## Records

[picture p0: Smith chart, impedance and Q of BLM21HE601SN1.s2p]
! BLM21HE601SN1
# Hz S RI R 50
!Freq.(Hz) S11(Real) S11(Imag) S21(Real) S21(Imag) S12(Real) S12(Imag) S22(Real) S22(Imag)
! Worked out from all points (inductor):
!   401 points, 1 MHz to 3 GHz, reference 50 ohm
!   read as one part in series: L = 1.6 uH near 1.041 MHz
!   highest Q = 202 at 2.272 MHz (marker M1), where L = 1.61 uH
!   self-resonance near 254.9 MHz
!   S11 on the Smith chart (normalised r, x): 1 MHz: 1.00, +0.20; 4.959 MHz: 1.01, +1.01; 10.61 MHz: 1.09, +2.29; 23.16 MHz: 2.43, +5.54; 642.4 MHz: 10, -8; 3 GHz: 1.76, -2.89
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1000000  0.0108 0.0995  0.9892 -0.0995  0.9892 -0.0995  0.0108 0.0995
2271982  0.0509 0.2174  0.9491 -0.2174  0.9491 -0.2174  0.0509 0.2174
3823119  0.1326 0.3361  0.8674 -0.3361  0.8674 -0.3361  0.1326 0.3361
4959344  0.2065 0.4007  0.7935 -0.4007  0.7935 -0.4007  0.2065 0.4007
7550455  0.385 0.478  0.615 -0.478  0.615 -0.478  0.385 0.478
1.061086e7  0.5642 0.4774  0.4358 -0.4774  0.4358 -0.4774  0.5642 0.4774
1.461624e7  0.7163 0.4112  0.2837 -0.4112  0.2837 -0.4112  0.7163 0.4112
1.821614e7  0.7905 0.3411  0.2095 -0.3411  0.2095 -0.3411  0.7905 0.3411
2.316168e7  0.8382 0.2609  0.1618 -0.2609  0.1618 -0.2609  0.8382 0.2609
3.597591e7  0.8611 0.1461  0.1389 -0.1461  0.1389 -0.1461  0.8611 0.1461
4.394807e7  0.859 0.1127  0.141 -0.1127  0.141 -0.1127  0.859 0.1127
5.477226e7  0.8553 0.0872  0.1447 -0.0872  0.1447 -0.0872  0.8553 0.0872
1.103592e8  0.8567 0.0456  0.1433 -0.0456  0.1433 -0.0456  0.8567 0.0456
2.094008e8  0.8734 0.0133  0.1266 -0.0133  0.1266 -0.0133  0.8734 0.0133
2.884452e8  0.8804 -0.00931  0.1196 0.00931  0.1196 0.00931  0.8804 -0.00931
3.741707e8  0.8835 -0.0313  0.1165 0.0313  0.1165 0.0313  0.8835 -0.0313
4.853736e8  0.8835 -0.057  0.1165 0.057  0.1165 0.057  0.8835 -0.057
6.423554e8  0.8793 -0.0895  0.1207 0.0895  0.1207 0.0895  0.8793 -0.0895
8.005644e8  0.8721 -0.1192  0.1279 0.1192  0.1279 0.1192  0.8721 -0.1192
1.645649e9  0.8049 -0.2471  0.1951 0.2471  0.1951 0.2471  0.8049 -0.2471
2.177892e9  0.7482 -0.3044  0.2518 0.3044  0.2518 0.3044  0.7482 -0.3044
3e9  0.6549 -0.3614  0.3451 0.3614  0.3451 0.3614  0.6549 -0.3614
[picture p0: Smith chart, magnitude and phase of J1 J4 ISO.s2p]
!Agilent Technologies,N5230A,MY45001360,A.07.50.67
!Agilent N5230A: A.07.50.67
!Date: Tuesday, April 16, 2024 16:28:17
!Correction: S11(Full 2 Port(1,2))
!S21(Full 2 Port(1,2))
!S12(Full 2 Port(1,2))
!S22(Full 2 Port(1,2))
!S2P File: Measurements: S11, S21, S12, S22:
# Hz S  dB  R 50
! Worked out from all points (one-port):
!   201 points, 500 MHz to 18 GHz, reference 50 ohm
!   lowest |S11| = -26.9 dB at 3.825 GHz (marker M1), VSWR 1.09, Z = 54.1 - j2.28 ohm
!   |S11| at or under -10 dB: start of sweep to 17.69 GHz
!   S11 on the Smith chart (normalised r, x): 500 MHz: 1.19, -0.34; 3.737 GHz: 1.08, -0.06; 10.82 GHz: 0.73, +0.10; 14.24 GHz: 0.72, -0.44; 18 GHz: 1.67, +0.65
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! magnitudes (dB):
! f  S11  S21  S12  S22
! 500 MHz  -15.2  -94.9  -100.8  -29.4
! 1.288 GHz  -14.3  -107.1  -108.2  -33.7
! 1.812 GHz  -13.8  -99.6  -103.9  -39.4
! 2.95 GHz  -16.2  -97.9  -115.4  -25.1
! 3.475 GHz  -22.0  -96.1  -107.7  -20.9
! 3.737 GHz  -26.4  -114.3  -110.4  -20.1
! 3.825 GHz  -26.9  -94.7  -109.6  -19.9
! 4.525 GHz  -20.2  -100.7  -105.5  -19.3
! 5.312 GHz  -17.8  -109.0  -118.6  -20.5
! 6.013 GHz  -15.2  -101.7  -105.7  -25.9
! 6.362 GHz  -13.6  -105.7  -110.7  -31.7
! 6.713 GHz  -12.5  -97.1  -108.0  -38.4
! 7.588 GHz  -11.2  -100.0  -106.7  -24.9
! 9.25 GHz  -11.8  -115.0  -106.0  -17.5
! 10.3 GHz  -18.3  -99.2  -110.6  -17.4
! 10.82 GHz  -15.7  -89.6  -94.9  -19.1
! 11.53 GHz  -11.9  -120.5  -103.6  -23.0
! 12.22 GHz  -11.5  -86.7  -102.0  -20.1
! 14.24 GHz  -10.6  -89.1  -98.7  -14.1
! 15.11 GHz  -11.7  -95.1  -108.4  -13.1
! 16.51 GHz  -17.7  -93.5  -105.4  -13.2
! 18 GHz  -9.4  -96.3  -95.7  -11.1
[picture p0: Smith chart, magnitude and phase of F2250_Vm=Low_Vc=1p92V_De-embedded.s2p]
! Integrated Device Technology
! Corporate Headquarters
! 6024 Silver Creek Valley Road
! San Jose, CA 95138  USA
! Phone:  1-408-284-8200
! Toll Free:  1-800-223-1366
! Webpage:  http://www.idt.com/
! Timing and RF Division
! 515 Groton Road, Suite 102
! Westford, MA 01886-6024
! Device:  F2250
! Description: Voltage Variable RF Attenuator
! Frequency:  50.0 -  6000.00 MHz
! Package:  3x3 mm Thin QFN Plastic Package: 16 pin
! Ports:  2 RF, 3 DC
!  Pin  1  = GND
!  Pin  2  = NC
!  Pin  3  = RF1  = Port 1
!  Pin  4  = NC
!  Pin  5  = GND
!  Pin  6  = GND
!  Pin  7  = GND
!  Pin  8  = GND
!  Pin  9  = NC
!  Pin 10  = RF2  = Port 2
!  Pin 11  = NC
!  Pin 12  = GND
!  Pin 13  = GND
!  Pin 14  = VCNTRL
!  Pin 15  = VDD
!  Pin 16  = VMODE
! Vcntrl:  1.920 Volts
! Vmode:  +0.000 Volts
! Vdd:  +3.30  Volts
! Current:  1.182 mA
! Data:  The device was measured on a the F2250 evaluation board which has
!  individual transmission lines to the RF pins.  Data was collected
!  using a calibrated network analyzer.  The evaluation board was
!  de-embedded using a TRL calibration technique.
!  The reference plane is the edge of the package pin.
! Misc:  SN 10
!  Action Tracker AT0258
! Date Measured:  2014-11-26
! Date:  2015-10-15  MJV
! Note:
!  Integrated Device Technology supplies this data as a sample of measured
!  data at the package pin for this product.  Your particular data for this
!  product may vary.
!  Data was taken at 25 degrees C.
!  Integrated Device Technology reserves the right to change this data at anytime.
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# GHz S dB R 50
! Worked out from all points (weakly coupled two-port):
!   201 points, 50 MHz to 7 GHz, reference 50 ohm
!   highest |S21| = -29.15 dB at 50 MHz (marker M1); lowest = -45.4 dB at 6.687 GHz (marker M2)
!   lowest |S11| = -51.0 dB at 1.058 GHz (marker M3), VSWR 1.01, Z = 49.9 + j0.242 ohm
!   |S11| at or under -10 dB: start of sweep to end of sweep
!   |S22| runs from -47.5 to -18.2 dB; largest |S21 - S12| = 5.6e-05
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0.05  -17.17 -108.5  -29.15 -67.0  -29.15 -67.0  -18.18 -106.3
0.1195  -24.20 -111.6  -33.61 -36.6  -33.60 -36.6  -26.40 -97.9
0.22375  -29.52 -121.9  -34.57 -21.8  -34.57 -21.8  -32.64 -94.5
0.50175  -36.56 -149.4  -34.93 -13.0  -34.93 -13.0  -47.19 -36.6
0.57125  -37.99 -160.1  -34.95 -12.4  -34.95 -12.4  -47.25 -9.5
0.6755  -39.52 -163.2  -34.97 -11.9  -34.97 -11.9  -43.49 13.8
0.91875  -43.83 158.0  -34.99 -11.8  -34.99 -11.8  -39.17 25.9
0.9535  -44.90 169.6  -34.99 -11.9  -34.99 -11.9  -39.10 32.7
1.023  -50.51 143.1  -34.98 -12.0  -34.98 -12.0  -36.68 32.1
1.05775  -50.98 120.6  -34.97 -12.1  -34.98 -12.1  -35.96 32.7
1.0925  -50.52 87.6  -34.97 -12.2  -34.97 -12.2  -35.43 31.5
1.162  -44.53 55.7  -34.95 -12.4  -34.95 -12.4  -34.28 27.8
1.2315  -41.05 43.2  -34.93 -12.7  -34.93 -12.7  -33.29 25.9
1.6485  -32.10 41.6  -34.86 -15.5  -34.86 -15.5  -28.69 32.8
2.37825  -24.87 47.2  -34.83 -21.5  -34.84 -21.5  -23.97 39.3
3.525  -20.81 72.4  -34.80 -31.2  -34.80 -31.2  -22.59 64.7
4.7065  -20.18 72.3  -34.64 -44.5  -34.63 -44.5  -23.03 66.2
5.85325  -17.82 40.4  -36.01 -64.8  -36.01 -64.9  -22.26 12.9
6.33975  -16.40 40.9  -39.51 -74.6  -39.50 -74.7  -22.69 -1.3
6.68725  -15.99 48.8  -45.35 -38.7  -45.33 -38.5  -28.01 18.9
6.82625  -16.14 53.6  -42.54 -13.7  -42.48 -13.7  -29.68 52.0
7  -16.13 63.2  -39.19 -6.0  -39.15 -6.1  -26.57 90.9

## Problem to solve
Wherever the string "Date" occurs in the data, copy the line that holds it.

## Your response
!Date: Tuesday, April 16, 2024 16:28:17
! Date Measured:  2014-11-26
! Date:  2015-10-15  MJV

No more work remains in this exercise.